La narrativa ignora convenientemente cómo muchas de las crisis fueron creadas por los actores que ahora ocupan el centro del escenario como estadistas. Veamos sólo un ejemplo: El príncipe heredero de Arabia Saudita, Mohammad bin Salman, fue el principal impulsor del atolladero yemení del que ahora intenta salir acordando condiciones con la República Islámica. No se trata tanto de estadismo como de sumisión.
Aun así, la idea de que los actores regionales están resolviendo sus problemas se ajusta al consenso bipartidista en Washington de que Estados Unidos debería reducir su exposición diplomática al mundo árabe y reasignar recursos a otras zonas cargadas de crisis, como Asia Oriental y, recientemente, Europa Oriental.
Entonces estalla la guerra en un país árabe. La sangrienta contienda por el poder entre los generales deshonestos de Sudán representa un nuevo reto para la nueva diplomacia árabe. Una cosa es parlamentar durante una pausa en un conflicto que ha agotado a los combatientes -en las guerras civiles de Yemen o Siria, por ejemplo- y otra muy distinta organizar una tregua en medio de una orgía de violencia entre beligerantes decididos que acaban de empezar a luchar.

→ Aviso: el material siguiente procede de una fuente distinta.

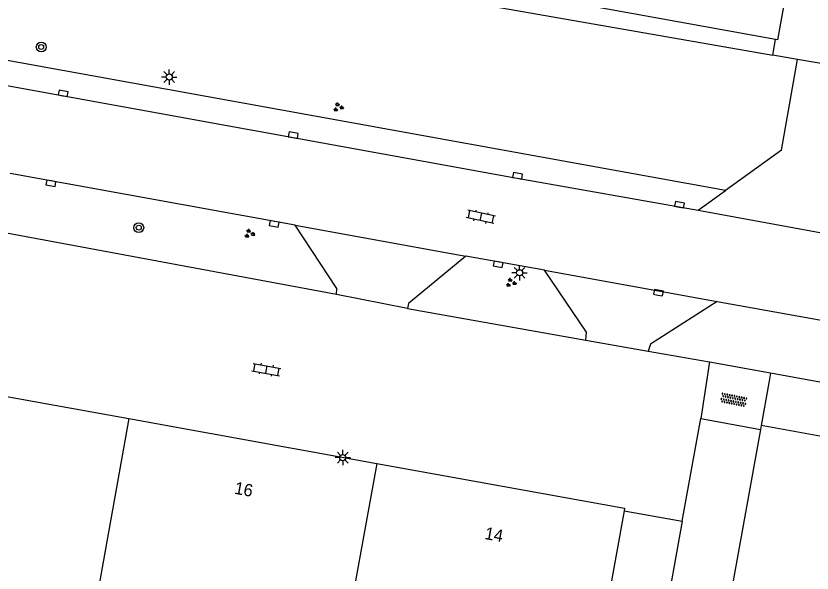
# Model space of a CAD drawing. Extents: x 130998 to 133001, y 398999 to 403002.
# Drawn here: x 132398.9 to 132463.8, y 399206.6 to 399252 of the extents above; entities that cross this region are included whole.
import ezdxf

# ---------------------------------------------------------------- set-up
doc = ezdxf.new("R2010")
doc.units = 0
for name, color, linetype in [('gg-afsc-hekwerk', 7, 'Continuous'), ('gg-anno-huisnummerreeks BGT', 7, 'Continuous'), ('gg-bbg-hoofdgebouw', 7, 'Continuous'), ('gg-bbg-tussenscheiding', 7, 'Continuous'), ('gg-knt-verharding', 7, 'Continuous'), ('gg-knt-verharding nz', 7, 'Continuous'), ('gt-symb-boom', 7, 'Continuous'), ('gt-symb-groenvak', 7, 'Continuous'), ('gt-symb-klinker verharding', 7, 'Continuous'), ('gt-symb-kolk', 7, 'Continuous'), ('gt-symb-lichtmast', 7, 'Continuous'), ('gt-symb-overige verharding', 7, 'Continuous')]:
    doc.layers.add(name, color=color, linetype=linetype)

# ---------------------------------------------------------------- blocks, each defined once
blk = doc.blocks.new('gt0-KOLK')
at = {"layer": 'gt-symb-kolk'}
blk.add_lwpolyline([(0, 0), (0.375, 0), (0.375, 0.4), (-0.375, 0.4), (-0.375, 0), (0, 0)], dxfattribs=at)
blk = doc.blocks.new('gt0-OVH')
at = {"layer": 'gt-symb-overige verharding'}
for points in [[(-0.972, 0.298), (-0.967, 0.308), (-0.965, 0.319), (-0.966, 0.33), (-0.971, 0.34), (-0.978, 0.348), (-0.988, 0.353), (-0.999, 0.355), (-1.01, 0.354), (-1.02, 0.349), (-1.028, 0.342), (-1.033, 0.332), (-1.035, 0.321), (-1.034, 0.31), (-1.029, 0.3), (-1.022, 0.292), (-1.012, 0.287), (-1.001, 0.285), (-0.99, 0.286), (-0.98, 0.291)], [(-0.872, 0.106), (-0.867, 0.116), (-0.865, 0.126), (-0.866, 0.137), (-0.871, 0.147), (-0.878, 0.156), (-0.888, 0.161), (-0.899, 0.163), (-0.91, 0.162), (-0.92, 0.157), (-0.928, 0.15), (-0.933, 0.14), (-0.935, 0.129), (-0.934, 0.118), (-0.929, 0.108), (-0.922, 0.1), (-0.912, 0.095), (-0.901, 0.092), (-0.89, 0.094), (-0.88, 0.098)], [(-0.772, 0.298), (-0.767, 0.308), (-0.765, 0.319), (-0.766, 0.33), (-0.771, 0.34), (-0.778, 0.348), (-0.788, 0.353), (-0.799, 0.355), (-0.81, 0.354), (-0.82, 0.349), (-0.828, 0.342), (-0.833, 0.332), (-0.835, 0.321), (-0.834, 0.31), (-0.829, 0.3), (-0.822, 0.292), (-0.812, 0.287), (-0.801, 0.285), (-0.79, 0.286), (-0.78, 0.291)], [(-0.672, 0.106), (-0.667, 0.116), (-0.665, 0.126), (-0.666, 0.137), (-0.671, 0.147), (-0.678, 0.156), (-0.688, 0.161), (-0.699, 0.163), (-0.71, 0.162), (-0.72, 0.157), (-0.728, 0.15), (-0.733, 0.14), (-0.735, 0.129), (-0.734, 0.118), (-0.729, 0.108), (-0.722, 0.1), (-0.712, 0.095), (-0.701, 0.092), (-0.69, 0.094), (-0.68, 0.098)], [(-0.572, 0.298), (-0.567, 0.308), (-0.565, 0.319), (-0.566, 0.33), (-0.571, 0.34), (-0.578, 0.348), (-0.588, 0.353), (-0.599, 0.355), (-0.61, 0.354), (-0.62, 0.349), (-0.628, 0.342), (-0.633, 0.332), (-0.635, 0.321), (-0.634, 0.31), (-0.629, 0.3), (-0.622, 0.292), (-0.612, 0.287), (-0.601, 0.285), (-0.59, 0.286), (-0.58, 0.291)], [(-0.472, 0.106), (-0.467, 0.116), (-0.465, 0.126), (-0.466, 0.137), (-0.471, 0.147), (-0.478, 0.156), (-0.488, 0.161), (-0.499, 0.163), (-0.51, 0.162), (-0.52, 0.157), (-0.528, 0.15), (-0.533, 0.14), (-0.535, 0.129), (-0.534, 0.118), (-0.529, 0.108), (-0.522, 0.1), (-0.512, 0.095), (-0.501, 0.092), (-0.49, 0.094), (-0.48, 0.098)], [(-0.372, 0.298), (-0.367, 0.308), (-0.365, 0.319), (-0.366, 0.33), (-0.371, 0.34), (-0.378, 0.348), (-0.388, 0.353), (-0.399, 0.355), (-0.41, 0.354), (-0.42, 0.349), (-0.428, 0.342), (-0.433, 0.332), (-0.435, 0.321), (-0.434, 0.31), (-0.429, 0.3), (-0.422, 0.292), (-0.412, 0.287), (-0.401, 0.285), (-0.39, 0.286), (-0.38, 0.291)], [(-0.272, 0.106), (-0.267, 0.116), (-0.265, 0.126), (-0.266, 0.137), (-0.271, 0.147), (-0.278, 0.156), (-0.288, 0.161), (-0.299, 0.163), (-0.31, 0.162), (-0.32, 0.157), (-0.328, 0.15), (-0.333, 0.14), (-0.335, 0.129), (-0.334, 0.118), (-0.329, 0.108), (-0.322, 0.1), (-0.312, 0.095), (-0.301, 0.092), (-0.29, 0.094), (-0.28, 0.098)], [(-0.172, 0.298), (-0.167, 0.308), (-0.165, 0.319), (-0.166, 0.33), (-0.171, 0.34), (-0.178, 0.348), (-0.188, 0.353), (-0.199, 0.355), (-0.21, 0.354), (-0.22, 0.349), (-0.228, 0.342), (-0.233, 0.332), (-0.235, 0.321), (-0.234, 0.31), (-0.229, 0.3), (-0.222, 0.292), (-0.212, 0.287), (-0.201, 0.285), (-0.19, 0.286), (-0.18, 0.291)], [(-0.072, 0.106), (-0.067, 0.116), (-0.065, 0.126), (-0.066, 0.137), (-0.071, 0.147), (-0.078, 0.156), (-0.088, 0.161), (-0.099, 0.163), (-0.11, 0.162), (-0.12, 0.157), (-0.128, 0.15), (-0.133, 0.14), (-0.135, 0.129), (-0.134, 0.118), (-0.129, 0.108), (-0.122, 0.1), (-0.112, 0.095), (-0.101, 0.092), (-0.09, 0.094), (-0.08, 0.098)], [(0.028, 0.298), (0.033, 0.308), (0.035, 0.319), (0.034, 0.33), (0.029, 0.34), (0.022, 0.348), (0.012, 0.353), (0.001, 0.355), (-0.01, 0.354), (-0.02, 0.349), (-0.028, 0.342), (-0.033, 0.332), (-0.035, 0.321), (-0.034, 0.31), (-0.029, 0.3), (-0.022, 0.292), (-0.012, 0.287), (-0.001, 0.285), (0.01, 0.286), (0.02, 0.291)], [(0.128, 0.106), (0.133, 0.116), (0.135, 0.126), (0.134, 0.137), (0.129, 0.147), (0.122, 0.156), (0.112, 0.161), (0.101, 0.163), (0.09, 0.162), (0.08, 0.157), (0.072, 0.15), (0.067, 0.14), (0.065, 0.129), (0.066, 0.118), (0.071, 0.108), (0.078, 0.1), (0.088, 0.095), (0.099, 0.092), (0.11, 0.094), (0.12, 0.098)], [(0.228, 0.298), (0.233, 0.308), (0.235, 0.319), (0.234, 0.33), (0.229, 0.34), (0.222, 0.348), (0.212, 0.353), (0.201, 0.355), (0.19, 0.354), (0.18, 0.349), (0.172, 0.342), (0.167, 0.332), (0.165, 0.321), (0.166, 0.31), (0.171, 0.3), (0.178, 0.292), (0.188, 0.287), (0.199, 0.285), (0.21, 0.286), (0.22, 0.291)], [(0.328, 0.106), (0.333, 0.116), (0.335, 0.126), (0.334, 0.137), (0.329, 0.147), (0.322, 0.156), (0.312, 0.161), (0.301, 0.163), (0.29, 0.162), (0.28, 0.157), (0.272, 0.15), (0.267, 0.14), (0.265, 0.129), (0.266, 0.118), (0.271, 0.108), (0.278, 0.1), (0.288, 0.095), (0.299, 0.092), (0.31, 0.094), (0.32, 0.098)], [(0.428, 0.298), (0.433, 0.308), (0.435, 0.319), (0.434, 0.33), (0.429, 0.34), (0.422, 0.348), (0.412, 0.353), (0.401, 0.355), (0.39, 0.354), (0.38, 0.349), (0.372, 0.342), (0.367, 0.332), (0.365, 0.321), (0.366, 0.31), (0.371, 0.3), (0.378, 0.292), (0.388, 0.287), (0.399, 0.285), (0.41, 0.286), (0.42, 0.291)], [(0.528, 0.106), (0.533, 0.116), (0.535, 0.126), (0.534, 0.137), (0.529, 0.147), (0.522, 0.156), (0.512, 0.161), (0.501, 0.163), (0.49, 0.162), (0.48, 0.157), (0.472, 0.15), (0.467, 0.14), (0.465, 0.129), (0.466, 0.118), (0.471, 0.108), (0.478, 0.1), (0.488, 0.095), (0.499, 0.092), (0.51, 0.094), (0.52, 0.098)], [(0.628, 0.298), (0.633, 0.308), (0.635, 0.319), (0.634, 0.33), (0.629, 0.34), (0.622, 0.348), (0.612, 0.353), (0.601, 0.355), (0.59, 0.354), (0.58, 0.349), (0.572, 0.342), (0.567, 0.332), (0.565, 0.321), (0.566, 0.31), (0.571, 0.3), (0.578, 0.292), (0.588, 0.287), (0.599, 0.285), (0.61, 0.286), (0.62, 0.291)], [(0.728, 0.106), (0.733, 0.116), (0.735, 0.126), (0.734, 0.137), (0.729, 0.147), (0.722, 0.156), (0.712, 0.161), (0.701, 0.163), (0.69, 0.162), (0.68, 0.157), (0.672, 0.15), (0.667, 0.14), (0.665, 0.129), (0.666, 0.118), (0.671, 0.108), (0.678, 0.1), (0.688, 0.095), (0.699, 0.092), (0.71, 0.094), (0.72, 0.098)], [(0.828, 0.298), (0.833, 0.308), (0.835, 0.319), (0.834, 0.33), (0.829, 0.34), (0.822, 0.348), (0.812, 0.353), (0.801, 0.355), (0.79, 0.354), (0.78, 0.349), (0.772, 0.342), (0.767, 0.332), (0.765, 0.321), (0.766, 0.31), (0.771, 0.3), (0.778, 0.292), (0.788, 0.287), (0.799, 0.285), (0.81, 0.286), (0.82, 0.291)], [(0.928, 0.106), (0.933, 0.116), (0.935, 0.126), (0.934, 0.137), (0.929, 0.147), (0.922, 0.156), (0.912, 0.161), (0.901, 0.163), (0.89, 0.162), (0.88, 0.157), (0.872, 0.15), (0.867, 0.14), (0.865, 0.129), (0.866, 0.118), (0.871, 0.108), (0.878, 0.1), (0.888, 0.095), (0.899, 0.092), (0.91, 0.094), (0.92, 0.098)], [(1.028, 0.298), (1.033, 0.308), (1.035, 0.319), (1.034, 0.33), (1.029, 0.34), (1.022, 0.348), (1.012, 0.353), (1.001, 0.355), (0.99, 0.354), (0.98, 0.349), (0.972, 0.342), (0.967, 0.332), (0.965, 0.321), (0.966, 0.31), (0.971, 0.3), (0.978, 0.292), (0.988, 0.287), (0.999, 0.285), (1.01, 0.286), (1.02, 0.291)], [(-0.972, -0.142), (-0.967, -0.132), (-0.965, -0.121), (-0.966, -0.11), (-0.971, -0.1), (-0.978, -0.092), (-0.988, -0.087), (-0.999, -0.085), (-1.01, -0.086), (-1.02, -0.091), (-1.028, -0.098), (-1.033, -0.108), (-1.035, -0.119), (-1.034, -0.13), (-1.029, -0.14), (-1.022, -0.148), (-1.012, -0.153), (-1.001, -0.155), (-0.99, -0.154), (-0.98, -0.149)], [(-0.872, -0.334), (-0.867, -0.324), (-0.865, -0.314), (-0.866, -0.303), (-0.871, -0.293), (-0.878, -0.284), (-0.888, -0.279), (-0.899, -0.277), (-0.91, -0.278), (-0.92, -0.283), (-0.928, -0.29), (-0.933, -0.3), (-0.935, -0.311), (-0.934, -0.322), (-0.929, -0.332), (-0.922, -0.34), (-0.912, -0.345), (-0.901, -0.348), (-0.89, -0.346), (-0.88, -0.342)], [(-0.772, -0.142), (-0.767, -0.132), (-0.765, -0.121), (-0.766, -0.11), (-0.771, -0.1), (-0.778, -0.092), (-0.788, -0.087), (-0.799, -0.085), (-0.81, -0.086), (-0.82, -0.091), (-0.828, -0.098), (-0.833, -0.108), (-0.835, -0.119), (-0.834, -0.13), (-0.829, -0.14), (-0.822, -0.148), (-0.812, -0.153), (-0.801, -0.155), (-0.79, -0.154), (-0.78, -0.149)], [(-0.672, -0.334), (-0.667, -0.324), (-0.665, -0.314), (-0.666, -0.303), (-0.671, -0.293), (-0.678, -0.284), (-0.688, -0.279), (-0.699, -0.277), (-0.71, -0.278), (-0.72, -0.283), (-0.728, -0.29), (-0.733, -0.3), (-0.735, -0.311), (-0.734, -0.322), (-0.729, -0.332), (-0.722, -0.34), (-0.712, -0.345), (-0.701, -0.348), (-0.69, -0.346), (-0.68, -0.342)], [(-0.572, -0.142), (-0.567, -0.132), (-0.565, -0.121), (-0.566, -0.11), (-0.571, -0.1), (-0.578, -0.092), (-0.588, -0.087), (-0.599, -0.085), (-0.61, -0.086), (-0.62, -0.091), (-0.628, -0.098), (-0.633, -0.108), (-0.635, -0.119), (-0.634, -0.13), (-0.629, -0.14), (-0.622, -0.148), (-0.612, -0.153), (-0.601, -0.155), (-0.59, -0.154), (-0.58, -0.149)], [(-0.472, -0.334), (-0.467, -0.324), (-0.465, -0.314), (-0.466, -0.303), (-0.471, -0.293), (-0.478, -0.284), (-0.488, -0.279), (-0.499, -0.277), (-0.51, -0.278), (-0.52, -0.283), (-0.528, -0.29), (-0.533, -0.3), (-0.535, -0.311), (-0.534, -0.322), (-0.529, -0.332), (-0.522, -0.34), (-0.512, -0.345), (-0.501, -0.348), (-0.49, -0.346), (-0.48, -0.342)], [(-0.372, -0.142), (-0.367, -0.132), (-0.365, -0.121), (-0.366, -0.11), (-0.371, -0.1), (-0.378, -0.092), (-0.388, -0.087), (-0.399, -0.085), (-0.41, -0.086), (-0.42, -0.091), (-0.428, -0.098), (-0.433, -0.108), (-0.435, -0.119), (-0.434, -0.13), (-0.429, -0.14), (-0.422, -0.148), (-0.412, -0.153), (-0.401, -0.155), (-0.39, -0.154), (-0.38, -0.149)], [(-0.272, -0.334), (-0.267, -0.324), (-0.265, -0.314), (-0.266, -0.303), (-0.271, -0.293), (-0.278, -0.284), (-0.288, -0.279), (-0.299, -0.277), (-0.31, -0.278), (-0.32, -0.283), (-0.328, -0.29), (-0.333, -0.3), (-0.335, -0.311), (-0.334, -0.322), (-0.329, -0.332), (-0.322, -0.34), (-0.312, -0.345), (-0.301, -0.348), (-0.29, -0.346), (-0.28, -0.342)], [(-0.172, -0.142), (-0.167, -0.132), (-0.165, -0.121), (-0.166, -0.11), (-0.171, -0.1), (-0.178, -0.092), (-0.188, -0.087), (-0.199, -0.085), (-0.21, -0.086), (-0.22, -0.091), (-0.228, -0.098), (-0.233, -0.108), (-0.235, -0.119), (-0.234, -0.13), (-0.229, -0.14), (-0.222, -0.148), (-0.212, -0.153), (-0.201, -0.155), (-0.19, -0.154), (-0.18, -0.149)], [(-0.072, -0.334), (-0.067, -0.324), (-0.065, -0.314), (-0.066, -0.303), (-0.071, -0.293), (-0.078, -0.284), (-0.088, -0.279), (-0.099, -0.277), (-0.11, -0.278), (-0.12, -0.283), (-0.128, -0.29), (-0.133, -0.3), (-0.135, -0.311), (-0.134, -0.322), (-0.129, -0.332), (-0.122, -0.34), (-0.112, -0.345), (-0.101, -0.348), (-0.09, -0.346), (-0.08, -0.342)], [(0.028, -0.142), (0.033, -0.132), (0.035, -0.121), (0.034, -0.11), (0.029, -0.1), (0.022, -0.092), (0.012, -0.087), (0.001, -0.085), (-0.01, -0.086), (-0.02, -0.091), (-0.028, -0.098), (-0.033, -0.108), (-0.035, -0.119), (-0.034, -0.13), (-0.029, -0.14), (-0.022, -0.148), (-0.012, -0.153), (-0.001, -0.155), (0.01, -0.154), (0.02, -0.149)], [(0.128, -0.334), (0.133, -0.324), (0.135, -0.314), (0.134, -0.303), (0.129, -0.293), (0.122, -0.284), (0.112, -0.279), (0.101, -0.277), (0.09, -0.278), (0.08, -0.283), (0.072, -0.29), (0.067, -0.3), (0.065, -0.311), (0.066, -0.322), (0.071, -0.332), (0.078, -0.34), (0.088, -0.345), (0.099, -0.348), (0.11, -0.346), (0.12, -0.342)], [(0.228, -0.142), (0.233, -0.132), (0.235, -0.121), (0.234, -0.11), (0.229, -0.1), (0.222, -0.092), (0.212, -0.087), (0.201, -0.085), (0.19, -0.086), (0.18, -0.091), (0.172, -0.098), (0.167, -0.108), (0.165, -0.119), (0.166, -0.13), (0.171, -0.14), (0.178, -0.148), (0.188, -0.153), (0.199, -0.155), (0.21, -0.154), (0.22, -0.149)], [(0.328, -0.334), (0.333, -0.324), (0.335, -0.314), (0.334, -0.303), (0.329, -0.293), (0.322, -0.284), (0.312, -0.279), (0.301, -0.277), (0.29, -0.278), (0.28, -0.283), (0.272, -0.29), (0.267, -0.3), (0.265, -0.311), (0.266, -0.322), (0.271, -0.332), (0.278, -0.34), (0.288, -0.345), (0.299, -0.348), (0.31, -0.346), (0.32, -0.342)], [(0.428, -0.142), (0.433, -0.132), (0.435, -0.121), (0.434, -0.11), (0.429, -0.1), (0.422, -0.092), (0.412, -0.087), (0.401, -0.085), (0.39, -0.086), (0.38, -0.091), (0.372, -0.098), (0.367, -0.108), (0.365, -0.119), (0.366, -0.13), (0.371, -0.14), (0.378, -0.148), (0.388, -0.153), (0.399, -0.155), (0.41, -0.154), (0.42, -0.149)], [(0.528, -0.334), (0.533, -0.324), (0.535, -0.314), (0.534, -0.303), (0.529, -0.293), (0.522, -0.284), (0.512, -0.279), (0.501, -0.277), (0.49, -0.278), (0.48, -0.283), (0.472, -0.29), (0.467, -0.3), (0.465, -0.311), (0.466, -0.322), (0.471, -0.332), (0.478, -0.34), (0.488, -0.345), (0.499, -0.348), (0.51, -0.346), (0.52, -0.342)], [(0.628, -0.142), (0.633, -0.132), (0.635, -0.121), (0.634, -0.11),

El alto el fuego diseñado por Estados Unidos, la Unión Europea y Naciones Unidas nunca llegó a cuajar: Los protagonistas -el jefe del ejército, Abdel Fattah al-Burhan, y el jefe paramilitar, Mohamed "Hemedti" Hamdan Dagalo- han mostrado poco interés en retirar sus fuerzas. Ambos se disputan el liderazgo supremo de Sudán, un país tan árabe como africano.
Como en el caso de Yemen, la crisis sudanesa es en gran medida de origen árabe. Cuando la dictadura militar de 30 años de Omar al-Bashir fue derrocada por un levantamiento popular pacífico hace cuatro años y sustituida por un gobierno de transición formado por civiles y generales, los principales Estados árabes optaron por respaldar a este último. Egipto, dirigido por un general que había tomado el poder mediante un golpe de Estado, se alineó con Burhan. Arabia Saudí y Emiratos Árabes Unidos apoyaron a Hemedti, que envió combatientes de la RSF para servir a sus intereses en Yemen. No importaba lo más mínimo que tanto Burhan como Hemedti estuvieran acusados de participar en el genocidio de Darfur.
Cuando los generales, actuando entonces de común acuerdo, echaron a los civiles del gobierno y tomaron el control en Khartum, a los Estados árabes les importaron poco las aspiraciones frustradas de los sudaneses. La cúpula militar se mostró convenientemente agradecida: El pasado diciembre, después de que los generales anunciaran un acuerdo poco sincero para restablecer cierta participación civil en el gobierno, un consorcio emiratí firmó un acuerdo preliminar de 6 mil millones de dólares para construir un nuevo puerto y otras infraestructuras en la costa del Mar Rojo.
Los combates entre las fuerzas de Burhan y Hemedti deberían demostrar a sus patrocinadores árabes que los generales no son de fiar. Sería mejor llegar a acuerdos con un gobierno civil libre de injerencias militares.
Dado que los generales tienen pocos financiadores y proveedores de armas, los Estados árabes tienen la capacidad de frenarlos. También deberían poder utilizar sus crecientes lazos con Moscú para restringir el papel desempeñado por el grupo ruso Wagner.
Pero el mayor reto para los sauditas, egipcios y emiratíes es romper con su tendencia histórica a favorecer a hombres fuertes y señores de la guerra. Eso sí que sería una demostración creíble de la "nueva diplomacia árabe".